There is photography that sets out to be art, but the image that sets out to be fashion photography focuses on how the clothing joins forces with setting and subject to tell a story.
— William Norwich 

“I’m with Grace Coddington, the celebrated Vogue fashion editor,” William declares, “when it comes to what makes an iconic fashion image versus an image that is purely iconic. ‘In fashion photography, rule number one is to make the picture beautiful and lyrical or provocative and intellectual—but you have to see the dress, the clothing,’ says Grace. There is photography that sets out to be art, but the image that sets out to be fashion photography focuses on how the clothing joins forces with setting and subject to tell a story.

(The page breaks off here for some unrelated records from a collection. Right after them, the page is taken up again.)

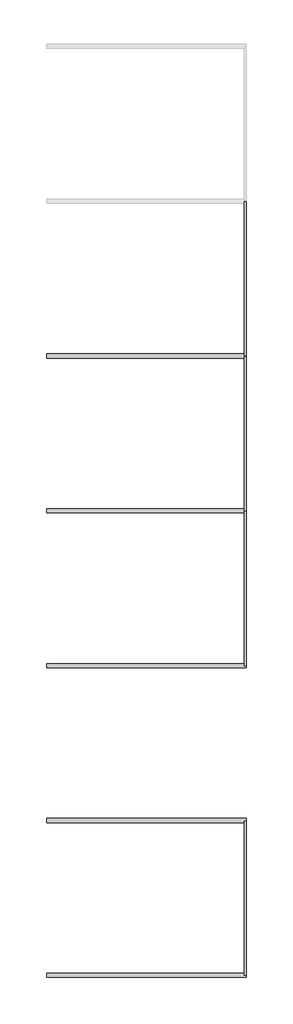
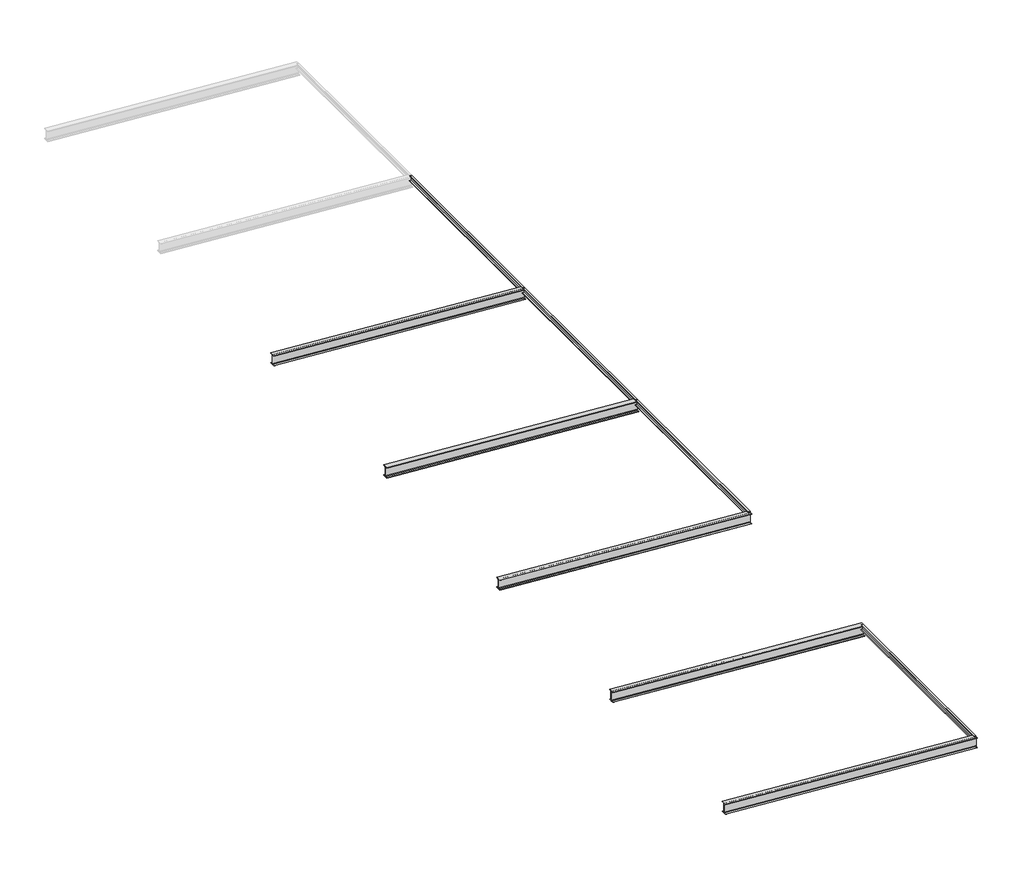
# One storey, part 1 of 2: 9 beams.
"""IFC4 building model written with IfcOpenShell, lengths in millimetres."""

from ifc_helpers import new_model, si_unit, frame, origin, place, context, project, spatial, polyline, ellipse_curve, transform, mapped, element, save
from ifc_brep_helpers import plane_surface, revolved_surface, advanced_brep
from components import c160_676f0d43

model = new_model("IFC4")

# Units and contexts
model_context = context("Model", 3, world=origin())
ifc_project = project(units=[si_unit("LENGTHUNIT", "METRE", prefix="MILLI")], contexts=[model_context])

# Site, building, storey
site = spatial("IfcSite", under=ifc_project)
building = spatial("IfcBuilding", under=site)
storey = spatial("IfcBuildingStorey", under=building, Name="+3,50 góra", Elevation=3504.0)

# Beams
placement = place(None, origin())
c160_shape = c160_676f0d43(model_context)
element("IfcBeam", 1, ObjectType="RPLN C - Ceowniki normalne : C160", at=placement, inside=storey, context=model_context, shape_type="MappedRepresentation", body=[
    mapped(c160_shape, transform((11806.0493936, -33912.4816585, 3761.259887), x_axis=(0.0, -1.0, 0.0), y_axis=(0.997461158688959, 0.0, -0.07121261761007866), z_axis=(0.07121261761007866, 0.0, 0.997461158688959))),
])
element("IfcBeam", 2, ObjectType="RPLN C - Ceowniki normalne : C160", at=placement, inside=storey, context=model_context, shape_type="MappedRepresentation", body=[
    mapped(c160_shape, transform((11806.0493936, -21912.4816585, 3761.259887), x_axis=(0.0, -1.0, 0.0), y_axis=(0.997461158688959, 0.0, -0.07121261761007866), z_axis=(0.07121261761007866, 0.0, 0.997461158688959))),
])
element("IfcBeam", 3, ObjectType="RPLN C - Ceowniki normalne : C160", at=placement, inside=storey, context=model_context, shape_type="MappedRepresentation", body=[
    mapped(c160_shape, transform((11806.0493936, -15912.4816585, 3761.259887), x_axis=(0.0, -1.0, 0.0), y_axis=(0.997461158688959, 0.0, -0.07121261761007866), z_axis=(0.07121261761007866, 0.0, 0.997461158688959))),
])
element("IfcBeam", 4, ObjectType="RPLN C - Ceowniki normalne : C160", at=placement, inside=storey, context=model_context, shape_type="MappedRepresentation", body=[
    mapped(c160_shape, transform((11806.0493936, -9912.4816585, 3761.259887), x_axis=(0.0, -1.0, 0.0), y_axis=(0.997461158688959, 0.0, -0.07121261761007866), z_axis=(0.07121261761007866, 0.0, 0.997461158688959))),
])
element("IfcBeam", 5, ObjectType="RPLN IPE - Dwuteowniki równoległościenne : I330PE", at=placement, inside=storey, context=model_context, shape_type="AdvancedBrep", body=[
    advanced_brep(
    [(4098.4032904, -36890.7316585, 4062.6389037), (4098.4032904, -36832.4816585, 4062.6389037), (4098.4032904, -36832.4816585, 4051.1096327), (4098.4032904, -36992.4816585, 4051.1096327), (4098.4032904, -36992.4816585, 4062.6389037), (4098.4032904, -36934.2316585, 4062.6389037), (4098.4032904, -36916.2316585, 4080.6847192), (4098.4032904, -36916.2316585, 4352.3744964), (4098.4032904, -36934.2316585, 4370.4203118), (4098.4032904, -36992.4816585, 4370.4203118), (4098.4032904, -36992.4816585, 4381.9495828), (4098.4032904, -36832.4816585, 4381.9495828), (4098.4032904, -36832.4816585, 4370.4203118), (4098.4032904, -36890.7316585, 4370.4203118), (4098.4032904, -36908.7316585, 4352.3744964), (4098.4032904, -36908.7316585, 4080.6847192), (11827.9888896, -36832.4816585, 3510.7938331), (11827.9888896, -36890.7316585, 3510.7938331), (11827.9888896, -36908.7316585, 3528.8396485), (11827.9888896, -36908.7316585, 3800.5294258), (11827.9888896, -36890.7316585, 3818.5752412), (11827.9888896, -36832.4816585, 3818.5752412), (11827.9888896, -36832.4816585, 3830.1045122), (11827.9888896, -36992.4816585, 3830.1045122), (11827.9888896, -36992.4816585, 3818.5752412), (11827.9888896, -36934.2316585, 3818.5752412), (11827.9888896, -36916.2316585, 3800.5294258), (11827.9888896, -36916.2316585, 3528.8396485), (11827.9888896, -36934.2316585, 3510.7938331), (11827.9888896, -36992.4816585, 3510.7938331), (11827.9888896, -36992.4816585, 3499.2645621), (11827.9888896, -36832.4816585, 3499.2645621)],
    [
        (0, 1),
        (1, 2),
        (2, 3),
        (3, 4),
        (4, 5),
        (5, 6, ellipse_curve(frame((4098.4032904, -36934.2316585, 4080.6847192), z_axis=(1.0, 0.0, 0.0), x_axis=(0.0, 0.0, 1.0)), 18.0458155, 18.0)),
        (6, 7),
        (7, 8, ellipse_curve(frame((4098.4032904, -36934.2316585, 4352.3744964), z_axis=(1.0, 0.0, 0.0), x_axis=(0.0, 0.0, 1.0)), 18.0458155, 18.0)),
        (8, 9),
        (9, 10),
        (10, 11),
        (11, 12),
        (12, 13),
        (13, 14, ellipse_curve(frame((4098.4032904, -36890.7316585, 4352.3744964), z_axis=(1.0, 0.0, 0.0), x_axis=(0.0, 0.0, 1.0)), 18.0458155, 18.0)),
        (14, 15),
        (15, 0, ellipse_curve(frame((4098.4032904, -36890.7316585, 4080.6847192), z_axis=(1.0, 0.0, 0.0), x_axis=(0.0, 0.0, 1.0)), 18.0458155, 18.0)),
        (16, 17),
        (17, 18, ellipse_curve(frame((11827.9888896, -36890.7316585, 3528.8396485), z_axis=(-1.0, 0.0, 0.0), x_axis=(0.0, 0.0, 1.0)), 18.0458155, 18.0)),
        (18, 19),
        (19, 20, ellipse_curve(frame((11827.9888896, -36890.7316585, 3800.5294258), z_axis=(-1.0, 0.0, 0.0), x_axis=(0.0, 0.0, 1.0)), 18.0458155, 18.0)),
        (20, 21),
        (21, 22),
        (22, 23),
        (23, 24),
        (24, 25),
        (25, 26, ellipse_curve(frame((11827.9888896, -36934.2316585, 3800.5294258), z_axis=(-1.0, 0.0, 0.0), x_axis=(0.0, 0.0, 1.0)), 18.0458155, 18.0)),
        (26, 27),
        (27, 28, ellipse_curve(frame((11827.9888896, -36934.2316585, 3528.8396485), z_axis=(-1.0, 0.0, 0.0), x_axis=(0.0, 0.0, 1.0)), 18.0458155, 18.0)),
        (28, 29),
        (29, 30),
        (30, 31),
        (31, 16),
        (16, 1),
        (0, 17),
        (31, 2),
        (30, 3),
        (29, 4),
        (28, 5),
        (27, 6),
        (26, 7),
        (25, 8),
        (24, 9),
        (23, 10),
        (22, 11),
        (21, 12),
        (20, 13),
        (19, 14),
        (18, 15),
    ],
    [
        plane_surface(frame((4098.4032904, -28791.4644976, 4040.8513801), z_axis=(-1.0, 0.0, 0.0), x_axis=(0.0, 0.0, -1.0))),
        plane_surface(frame((11827.9888896, -28791.4644976, 3790.5936883), z_axis=(1.0, 0.0, 0.0), x_axis=(0.0, 0.0, 1.0))),
        plane_surface(frame((11911.7510301, -36832.4816585, 3504.8137292), z_axis=(0.07121261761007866, 0.0, 0.997461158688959), x_axis=(-0.997461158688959, 0.0, 0.07121261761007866))),
        plane_surface(frame((11910.932085, -36832.4816585, 3493.3429259), z_axis=(0.0, 1.0, 0.0), x_axis=(-0.997461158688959, 0.0, 0.07121261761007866))),
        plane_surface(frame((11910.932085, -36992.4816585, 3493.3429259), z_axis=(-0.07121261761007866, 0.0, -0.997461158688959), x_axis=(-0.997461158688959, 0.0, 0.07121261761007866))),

This is true even for nudes that are considered fashion photography. What you don’t see is as much of the story as what you do see.”

“When working on the expanded and updated new edition of The Fashion Book, the team at Phaidon sought the most impactful images to represent the industry internationally. As well as designers and influencers, this includes work by Cass Bird, Petra Collins, Pamela Hanson and Steven Klein along with legends Lillian Bassman, Horst P. Horst, Richard Avedon and Helmut Newton. Almost everything goes in fashion image-making today thanks, or no thanks, to social media; but one truth remains: the clothing stays in the picture.”